Мегги, Мегги, Мегги, крошка Мегги Денежные Глазки, что сбежала из Таксона, от трейлеров и ревматической лихорадки, чтобы окунуться в жизнь, в которой, как во взбесившемся калейдоскопе, мелькают когти и зубы и которая все же не лишена смысла. А если кто-то требовал завалиться на спину да рычать пантерой в пустыне, надо было это и делать, ничего, потому что ничего нет хуже вонючей бедности с чесоточной кожей и заношенным бельем, постыдной бедности, из которой так и прет безысходность, — ничего!
Мегги: шалава, давалка, хапуга, качалка — кинь бакс, и закачается, и в ритме слышится мег-ги, мег-ги, мег-ги.
Та, которая дает. За плату, которую дадут.
Мегги встретилась с Нунцио. Сицилийцем. Темные глаза, бумажник из кожи аллигатора, в нем потайные кармашки для кредитных карточек. Мот, игрок, транжира. Захотелось им в Вегас.
Мегги и сицилийцу. Голубым глазкам и потайным кармашкам.

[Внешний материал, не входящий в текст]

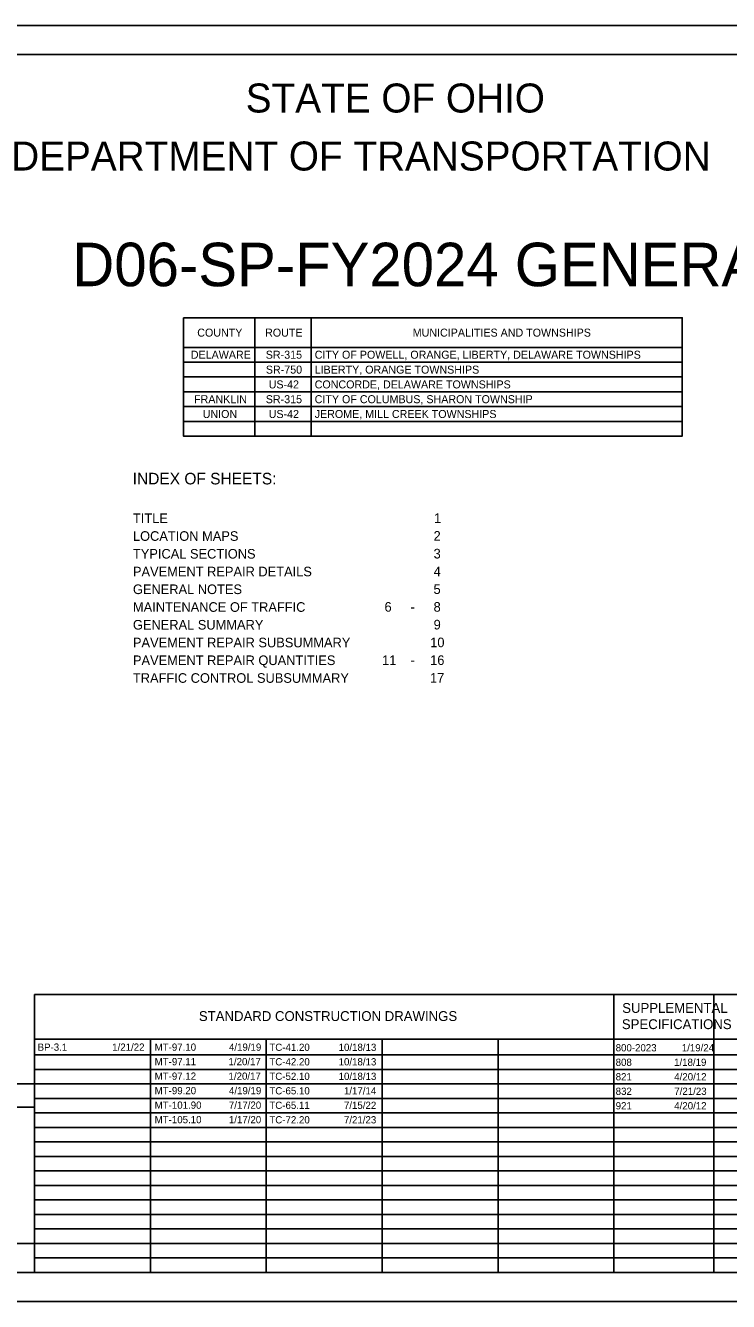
# Model space of a CAD drawing. Extents: x 0 to 34, y 0 to 22.
# Drawn here: x 9.99 to 22.13, y 0 to 22 of the extents above; entities that cross this region are included whole.
import ezdxf

# ---------------------------------------------------------------- set-up
doc = ezdxf.new("R2010")
doc.units = 0
for name, color, linetype in [('Default', 7, 'Continuous'), ('SH_Border', 7, 'Continuous'), ('SH_Cut_Line', 7, 'Continuous'), ('SH_Data', 7, 'Continuous'), ('SH_Text', 7, 'Continuous')]:
    doc.layers.add(name, color=color, linetype=linetype)

msp = doc.modelspace()

# ---------------------------------------------------------------- linework, layer by layer
at = {"layer": 'Default'}
for p, q in [((12.72, 16.96), (21.33, 16.96)), ((12.72, 16.96), (12.72, 14.92)), ((13.95, 16.96), (13.95, 14.92)), ((14.925, 16.96), (14.925, 14.92)), ((21.33, 16.96), (21.33, 14.92)), ((12.72, 16.45), (21.33, 16.45)), ((12.72, 16.195), (21.33, 16.195)), ((12.72, 15.94), (21.33, 15.94)), ((12.72, 15.685), (21.33, 15.685)), ((12.72, 15.43), (21.33, 15.43)), ((12.72, 15.175), (21.33, 15.175)), ((12.72, 14.92), (21.33, 14.92))]:
    msp.add_line(p, q, dxfattribs=at)
for points in [[(12.72, 16.96), (13.95, 16.96), (13.95, 16.45), (12.72, 16.45)], [(13.95, 16.96), (14.925, 16.96), (14.925, 16.45), (13.95, 16.45)], [(14.925, 16.96), (21.33, 16.96), (21.33, 16.45), (14.925, 16.45)], [(12.72, 16.45), (13.95, 16.45), (13.95, 16.195), (12.72, 16.195)], [(13.95, 16.45), (14.925, 16.45), (14.925, 16.195), (13.95, 16.195)], [(14.925, 16.45), (21.33, 16.45), (21.33, 16.195), (14.925, 16.195)], [(12.72, 16.195), (13.95, 16.195), (13.95, 15.94), (12.72, 15.94)], [(13.95, 16.195), (14.925, 16.195), (14.925, 15.94), (13.95, 15.94)], [(14.925, 16.195), (21.33, 16.195), (21.33, 15.94), (14.925, 15.94)], [(12.72, 15.94), (13.95, 15.94), (13.95, 15.685), (12.72, 15.685)], [(13.95, 15.94), (14.925, 15.94), (14.925, 15.685), (13.95, 15.685)], [(14.925, 15.94), (21.33, 15.94), (21.33, 15.685), (14.925, 15.685)], [(12.72, 15.685), (13.95, 15.685), (13.95, 15.43), (12.72, 15.43)], [(13.95, 15.685), (14.925, 15.685), (14.925, 15.43), (13.95, 15.43)], [(14.925, 15.685), (21.33, 15.685), (21.33, 15.43), (14.925, 15.43)], [(12.72, 15.43), (13.95, 15.43), (13.95, 15.175), (12.72, 15.175)], [(13.95, 15.43), (14.925, 15.43), (14.925, 15.175), (13.95, 15.175)], [(14.925, 15.43), (21.33, 15.43), (21.33, 15.175), (14.925, 15.175)], [(12.72, 15.175), (13.95, 15.175), (13.95, 14.92), (12.72, 14.92)], [(13.95, 15.175), (14.925, 15.175), (14.925, 14.92), (13.95, 14.92)], [(14.925, 15.175), (21.33, 15.175), (21.33, 14.92), (14.925, 14.92)]]:
    msp.add_lwpolyline(points, close=True, dxfattribs=at)
at = {"layer": 'SH_Border'}
msp.add_lwpolyline([(1.5, 21.5), (33.5, 21.5), (33.5, 0.5), (1.5, 0.5)], close=True, dxfattribs=at)
at = {"layer": 'SH_Cut_Line'}
msp.add_lwpolyline([(0, 0), (34, 0), (34, 22), (0, 22)], close=True, dxfattribs=at)
at = {"layer": 'SH_Data'}
for p, q in [((10.15, 5.292), (23.6, 5.292)), ((10.15, 0.5), (10.15, 5.292)), ((20.15, 0.5), (20.15, 5.292)), ((21.875, 0.5), (21.875, 5.292)), ((10.15, 4.521), (23.6, 4.521)), ((12.15, 0.5), (12.15, 4.521)), ((14.15, 0.5), (14.15, 4.521)), ((16.15, 0.5), (16.15, 4.521)), ((18.15, 0.5), (18.15, 4.521)), ((10.15, 4.25), (23.6, 4.25)), ((10.15, 4), (23.6, 4)), ((7.35, 3.75), (10.15, 3.75)), ((10.15, 3.75), (23.6, 3.75)), ((10.15, 3.75), (10.15, 0.5)), ((7.35, 3.35), (10.15, 3.35)), ((10.15, 3.5), (23.6, 3.5)), ((10.15, 3.25), (23.6, 3.25)), ((10.15, 3), (23.6, 3)), ((10.15, 2.75), (23.6, 2.75)), ((10.15, 2.5), (23.6, 2.5)), ((10.15, 2.25), (23.6, 2.25)), ((10.15, 2), (23.6, 2)), ((10.15, 1.75), (23.6, 1.75)), ((10.15, 1.5), (23.6, 1.5)), ((10.15, 1.25), (23.6, 1.25)), ((10.15, 1), (23.6, 1)), ((10.15, 0.75), (23.6, 0.75)), ((7.35, 0.5), (10.15, 0.5))]:
    msp.add_line(p, q, dxfattribs=at)
msp.add_lwpolyline([(7.35, 0.5), (7.35, 1), (10.15, 1), (10.15, 0.5)], close=True, dxfattribs=at)

# ---------------------------------------------------------------- texts
at = {"layer": 'Default'}
for s, height, p in [('COUNTY', 0.138, (12.958, 16.636)), ('ROUTE', 0.138, (14.129, 16.636)), ('MUNICIPALITIES AND TOWNSHIPS', 0.138, (16.677, 16.636)), ('DELAWARE', 0.138, (12.847, 16.255)), ('SR-315', 0.138, (14.141, 16.255)), ('CITY OF POWELL, ORANGE, LIBERTY, DELAWARE TOWNSHIPS', 0.138, (14.985, 16.255)), ('SR-750', 0.138, (14.142, 15.998)), ('LIBERTY, ORANGE TOWNSHIPS', 0.138, (14.985, 15.998)), ('US-42', 0.138, (14.191, 15.743)), ('CONCORDE, DELAWARE TOWNSHIPS', 0.138, (14.985, 15.743)), ('FRANKLIN', 0.138, (12.903, 15.488)), ('SR-315', 0.138, (14.141, 15.488)), ('CITY OF COLUMBUS, SHARON TOWNSHIP', 0.138, (14.985, 15.488)), ('UNION', 0.138, (13.052, 15.233)), ('US-42', 0.138, (14.191, 15.233)), ('JEROME, MILL CREEK TOWNSHIPS', 0.138, (14.985, 15.233)), ('TITLE', 0.1656, (11.848, 13.421)), ('1', 0.166, (17.045, 13.423)), ('LOCATION MAPS', 0.1656, (11.848, 13.115)), ('2', 0.166, (17.037, 13.117)), ('TYPICAL SECTIONS', 0.1656, (11.848, 12.809)), ('3', 0.166, (17.037, 12.811)), ('PAVEMENT REPAIR DETAILS', 0.1656, (11.848, 12.503)), ('4', 0.166, (17.039, 12.505)), ('GENERAL NOTES', 0.1656, (11.848, 12.197)), ('5', 0.166, (17.036, 12.199)), ('MAINTENANCE OF TRAFFIC', 0.1656, (11.848, 11.891)), ('6', 0.166, (16.19, 11.893)), ('-', 0.166, (16.638, 11.893)), ('8', 0.166, (17.037, 11.893)), ('GENERAL SUMMARY', 0.1656, (11.848, 11.585)), ('9', 0.166, (17.038, 11.587)), ('PAVEMENT REPAIR SUBSUMMARY', 0.1656, (11.848, 11.279)), ('10', 0.1656, (16.979, 11.281)), ('PAVEMENT REPAIR QUANTITIES', 0.1656, (11.848, 10.973)), ('11', 0.1656, (16.149, 10.975)), ('-', 0.166, (16.638, 10.975)), ('16', 0.1656, (16.978, 10.975)), ('TRAFFIC CONTROL SUBSUMMARY', 0.1656, (11.848, 10.667)), ('17', 0.1656, (16.975, 10.669)), ('BP-3.1', 0.125, (10.203, 4.323)), ('1/21/22', 0.125, (11.49, 4.323)), ('MT-97.10', 0.125, (12.223, 4.323)), ('4/19/19', 0.125, (13.506, 4.323)), ('TC-41.20', 0.125, (14.203, 4.32)), ('10/18/13', 0.125, (15.398, 4.32)), ('800-2023', 0.125, (20.18, 4.312)), ('1/19/24', 0.125, (21.321, 4.312)), ('MT-97.11', 0.125, (12.223, 4.073)), ('1/20/17', 0.125, (13.498, 4.073)), ('TC-42.20', 0.125, (14.203, 4.07)), ('10/18/13', 0.125, (15.398, 4.07)), ('808', 0.125, (20.18, 4.062)), ('1/18/19', 0.125, (21.188, 4.062)), ('MT-97.12', 0.125, (12.223, 3.823)), ('1/20/17', 0.125, (13.498, 3.823)), ('TC-52.10', 0.125, (14.203, 3.82)), ('10/18/13', 0.125, (15.398, 3.82)), ('821', 0.125, (20.18, 3.812)), ('4/20/12', 0.125, (21.191, 3.812)), ('MT-99.20', 0.125, (12.223, 3.573)), ('4/19/19', 0.125, (13.506, 3.573)), ('TC-65.10', 0.125, (14.203, 3.57)), ('1/17/14', 0.125, (15.49, 3.57)), ('832', 0.125, (20.18, 3.562)), ('7/21/23', 0.125, (21.192, 3.562)), ('MT-101.90', 0.125, (12.223, 3.323)), ('7/17/20', 0.125, (13.504, 3.323)), ('TC-65.11', 0.125, (14.203, 3.32)), ('7/15/22', 0.125, (15.49, 3.32)), ('921', 0.125, (20.18, 3.312)), ('4/20/12', 0.125, (21.191, 3.312)), ('MT-105.10', 0.125, (12.223, 3.073)), ('1/17/20', 0.125, (13.504, 3.073)), ('TC-72.20', 0.125, (14.203, 3.07)), ('7/21/23', 0.125, (15.49, 3.07))]:
    msp.add_text(s, height=height, dxfattribs=at).set_placement(p)
at = {"layer": 'SH_Text'}
for s, height, p in [('STATE OF OHIO', 0.5, (13.795, 20.5)), ('DEPARTMENT OF TRANSPORTATION', 0.5, (9.747, 19.5)), ('D06-SP-FY2024 GENERAL', 0.75, (10.802, 17.505)), ('INDEX OF SHEETS:', 0.2, (11.844, 14.088)), ('SUPPLEMENTAL', 0.17, (20.293, 4.976)), ('STANDARD CONSTRUCTION DRAWINGS', 0.17, (12.986, 4.836)), ('SPECIFICATIONS', 0.17, (20.287, 4.696))]:
    msp.add_text(s, height=height, dxfattribs=at).set_placement(p)

doc.saveas('drawing.dxf')
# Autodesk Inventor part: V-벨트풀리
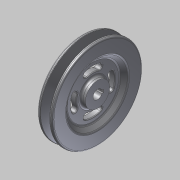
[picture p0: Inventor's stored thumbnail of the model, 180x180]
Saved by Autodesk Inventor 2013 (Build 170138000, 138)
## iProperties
Created: 2015-12
Part Number: V-벨트풀리
Document SubType Name: Modeling
Designer: mdu
Density: 8.08 g/cm^3
Material: 스테인리스강
Mass: 1092.51 g
Surface Area: 372.903 cm^2
Volume: 135.212 cm^3
Author: mdu
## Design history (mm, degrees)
sketch "스케치1"
  geometry: L1 (-10, 0)-(10, 0); L2 (-10, 0)-(-10, 16); L3 (-10, 16)-(-4, 16); L4 (-4, 16)-(-4, 35); L5 (-4, 35)-(-10, 41); L6 (-10, 41)-(-10, 59.5); L7 (-10, 59.5)-(-6.062, 59.5); L8 (-6.062, 59.5)-(-2.001, 47); L9 (-2.001, 47)-(2.001, 47); L10 (2.001, 47)-(6.062, 59.5); L11 (6.062, 59.5)-(10, 59.5); L12 (10, 59.5)-(10, 41); L13 (10, 41)-(4, 35); L14 (4, 35)-(4, 16); L15 (4, 16)-(10, 16); L16 (10, 16)-(10, 0); L17 (-4.6, 55)-(4.6, 55); 2 further points
  constraints: 34 end point, 7 parallel, 6 equal length, 5 collinear, 3 perpendicular, 2 point on line, 1 coincident, 1 horizontal, 1 midpoint
  dimensions: "d0" = 20 distance of L1.start L1.end; "d1" = 9.2 distance of L17.start L17.end; "d2" = 36 deg angle of L10 L8; "d3" = 4.5 distance between parallel lines of L7 L17; "d4" = 8 distance between parallel lines of L9 L17; "d6" = 110 diameter of L17 L1; "d7" = 32 diameter of L3 L1; "d8" = 82 diameter of L5.end L1; "d9" = 6 distance of L2.end L3.end; "d10" = 135 deg angle of L4 L5
revolve "회전1" sketch "스케치1" stored, may be unused: angle "d11" = 90 deg
fillet "모깎기1" dims "d12" = 2, "d13" = 0.5, "d14" = 1, "d15" = 3
sketch "스케치2"
  geometry: L1 (-2, 5.657)-(-2, 7.8); L2 (-2, 7.8)-(2, 7.8); L3 (2, 7.8)-(2, 5.657); A1 r 6 centre (0, 0) between (-2, 5.657) and (2, 5.657); 1 further point
  constraints: 6 end point, 2 parallel, 2 point on circle, 1 centre point, 1 coincident, 1 perpendicular, 1 vertical
  dimensions: "d16" = 12 diameter of A1; "d17" = 4 distance of L1.end L2.end; "d18" = 13.8 dimension on A1 L2 (computed from d16)
extrude "돌출1" cut sketch "스케치2" stored distance "d19" = 10; taper "d20" = 0 deg
sketch "스케치3"
  geometry: L1 (0, 0)-(0, 25.5); L2 (0, 0)-(-8.722, 23.962); C1 r 33.757 at (0, 0) reference; C2 r 19 at (0, 0) reference; A1 r 25.5 centre (0, 0) between (0, 25.5) and (-8.722, 23.962); A2 r 3.5 centre (-8.722, 23.962) between (-9.919, 27.251) and (-7.524, 20.673); A3 r 3.5 centre (8.722, 23.962) between (7.524, 20.673) and (9.919, 27.251); A4 r 29 centre (0, 0) between (9.919, 27.251) and (-9.919, 27.251); A5 r 22 centre (0, 0) between (7.524, 20.673) and (-7.524, 20.673); 1 further point
  constraints: 10 point on circle, 5 centre point, 4 coincident, 4 end point, 1 point on line, 1 symmetric about line, 1 tangent, 1 vertical, 1 other
  dimensions: "d24" = 51 diameter of A1; "d27" = 20 deg angle of L1 L2; "d29" = 7 diameter of A2
extrude "돌출2" cut sketch "스케치3" stored distance "d30" = 10; taper "d31" = 0 deg
fillet "모깎기2" dims "d32" = 1
node "솔리드1"
pattern_circular "원형 패턴1" dims angle "d34" = 360 deg
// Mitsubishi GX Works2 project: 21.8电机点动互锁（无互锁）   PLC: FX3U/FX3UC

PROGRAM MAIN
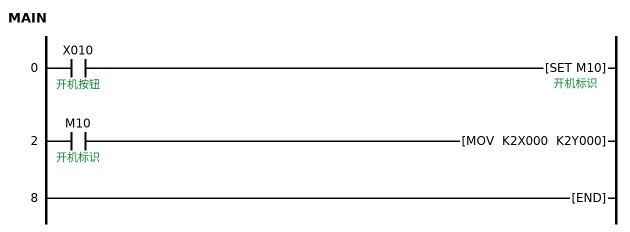
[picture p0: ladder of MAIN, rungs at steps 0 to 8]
0     LD      X010  ; 开机按钮
      SET     M10  ; 开机标识
2     LD      M10  ; 开机标识
      MOV     K2X000 K2Y000  ; 启动按钮 / 电机
8     END
END_PROGRAM

// device comments not shown above
M0  ; 电机运行标识
M20  ; 记录按键情况
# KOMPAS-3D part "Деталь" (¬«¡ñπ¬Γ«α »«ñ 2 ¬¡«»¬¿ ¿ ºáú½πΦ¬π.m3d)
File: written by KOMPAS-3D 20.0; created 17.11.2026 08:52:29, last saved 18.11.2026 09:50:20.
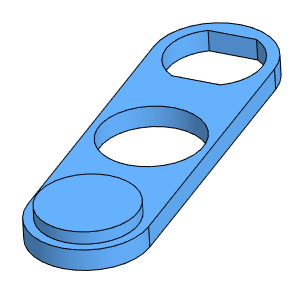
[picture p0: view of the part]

Document properties: Полное имя файла: D:\RicWork\Project-EPS32\box_compas\корпус\кондуктор под 2 кнопки и заглушку.m3d

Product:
- Part/product: Деталь
    Масса: 0.00912843

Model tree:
1. Эскиз:1
2. Элемент выдавливания:1
     Расстояние 1 = 2.5
3. Эскиз:2  (with: Элемент выдавливания:1)
4. Элемент выдавливания:2
     Расстояние 2 = 2.5
5. Эскиз:3  (with: Элемент выдавливания:1, Элемент выдавливания:2)
6. Элемент выдавливания:3
     Расстояние 2 = 4

Но больше голубым глазкам.
В трех длинных стеклянных окошках закружились и расплылись барабаны, а Костнер знал — нет у него ни единого шанса. Главный выигрыш — две тысячи долларов. Кружатся, кружатся, жужжат. Три колокольчика или два колокольчика и полоска с надписью «выигрыш» дают восемнадцать баксов, три сливы или две и полоска — четырнадцать, три апельсина или два и полос...
Десять, пять, два бакса, если вишенки одна под другой. Хоть бы что-нибудь... пропадаю ведь... хоть бы что-нибудь...
Жужжание...
И кружится, и кружится...
Тут и случилось то, что не предусмотрено инструкцией к автомату.
Барабаны разогнались, щелкая, притормозили и с лязгом замерли в фиксированном положении.
На Костнера уставились три полоски. Но на них не было надписи «выигрыш». Это были три полоски, с которых глядели три голубых глаза. Очень голубых, очень нетерпеливых, очень ВЫИГРЫШНЫХ!
В лоток выдачи на дне автомата со звоном скатились двадцать серебряных долларов. В кабинке кассира казино замигала оранжевая лампочка, полка у окошка выплаты стала ярко-оранжевой. Где-то наверху зазвучал гонг.
Администратор секции игральных автоматов коротко кивнул служителю, тот, поджав губы, двинулся к болезненного вида человеку, который так и застыл, держась за рукоятку.
Символ выигрыша, двадцать серебряных долларов, остались нетронутыми в лотке выдачи. Остальное — одну тысячу девятьсот восемьдесят долларов — полагалось выплачивать кассиру казино. А Костнер, стоило на него взглянуть трем голубым глазам, будто остолбенел, он сам уставился на три этих голубых глаза, и никак не кончалось мгновение идиотской растерянности, когда обнажилась сама суть игрального автомата и никак не смолкал взбесившийся гонг.